Combate de Ulises e Iro

Ulises insultado por el mendigo Iro⁠—Diversión de los pretendientes, que animan la pelea⁠—Victoria de Ulises en el combate con Iro⁠—Maniobra de Penélope para obtener regalos de los pretendientes, y su éxito⁠—Ulises insultado por Eurímaco⁠—Su respuesta⁠—El copero derribado por un escabel arrojado a Ulises por Eurímaco.

Llegó un mendigo común y corriente, acostumbrado a pedir limosna por la ciudad de Ítaca, muy conocido por la voracidad de su estómago, glotón y bebedor de vino, aunque de escasas fuerzas y valor, a pesar de parecer de complexión poderosa.

Arneo era el nombre que al nacer su madre le había dado, pero los jóvenes llamaban al tipo Iro, pues era su costumbre hacer recados, como mensajero, cuando se lo ordenaban.
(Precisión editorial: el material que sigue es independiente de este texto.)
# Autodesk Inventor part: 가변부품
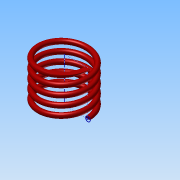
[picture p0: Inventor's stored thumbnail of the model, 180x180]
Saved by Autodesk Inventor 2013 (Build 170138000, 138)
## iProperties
Created: 2019-01
Part Number: 가변부품
Material: 스테인리스강
Document SubType Name: Modeling
Designer: Administrator
Density: 8.08 g/cm^3
Mass: 7.83149 g
Surface Area: 19.6313 cm^2
Volume: 0.969244 cm^3
Author: Administrator
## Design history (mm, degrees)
sketch "스케치2"
  geometry: L1 (0, 0)-(10, 0); L2 (10, 0)-(10, 18.7); L3 (10, 18.7)-(0, 18.7); L4 (0, 18.7)-(0, 0); C1 r 1 at (10, 0)
  constraints: 8 end point, 2 parallel, 1 centre point, 1 coincident, 1 horizontal, 1 perpendicular
  dimensions: "d0" = 20 diameter of L2 L4; "d2" = 18.7 distance of L1.end L2.end (derived); "d3" = 2 diameter of C1
feature "코일1" sketch "스케치2" pitch "d4" = 10; turns "d6" = 5; dims "d5" = 18.7 (= d2), "d7" = 0, angle "d8" = 90 deg, angle "d9" = 90 deg, "d10" = 0, "d11" = 0
node "작업 평면1"
feature "분할1"
feature "분할2"
node "솔리드1"

Llegando ahora, pensó en expulsar a Ulises de su propia casa, y lo increpó, y le habló con palabras aladas:⁠—

“¡Fuera de aquí! Deja el pórtico, viejo, al instante, no vayas a ser cogido por el pie y arrastrado lejos de él. ¿No ves cómo todos a nuestro alrededor asienten, para ordenarme que te saque arrastrando? Me da vergüenza hacerlo. Levántate y vete, no sea que por ventura tengamos una pelea de golpes”.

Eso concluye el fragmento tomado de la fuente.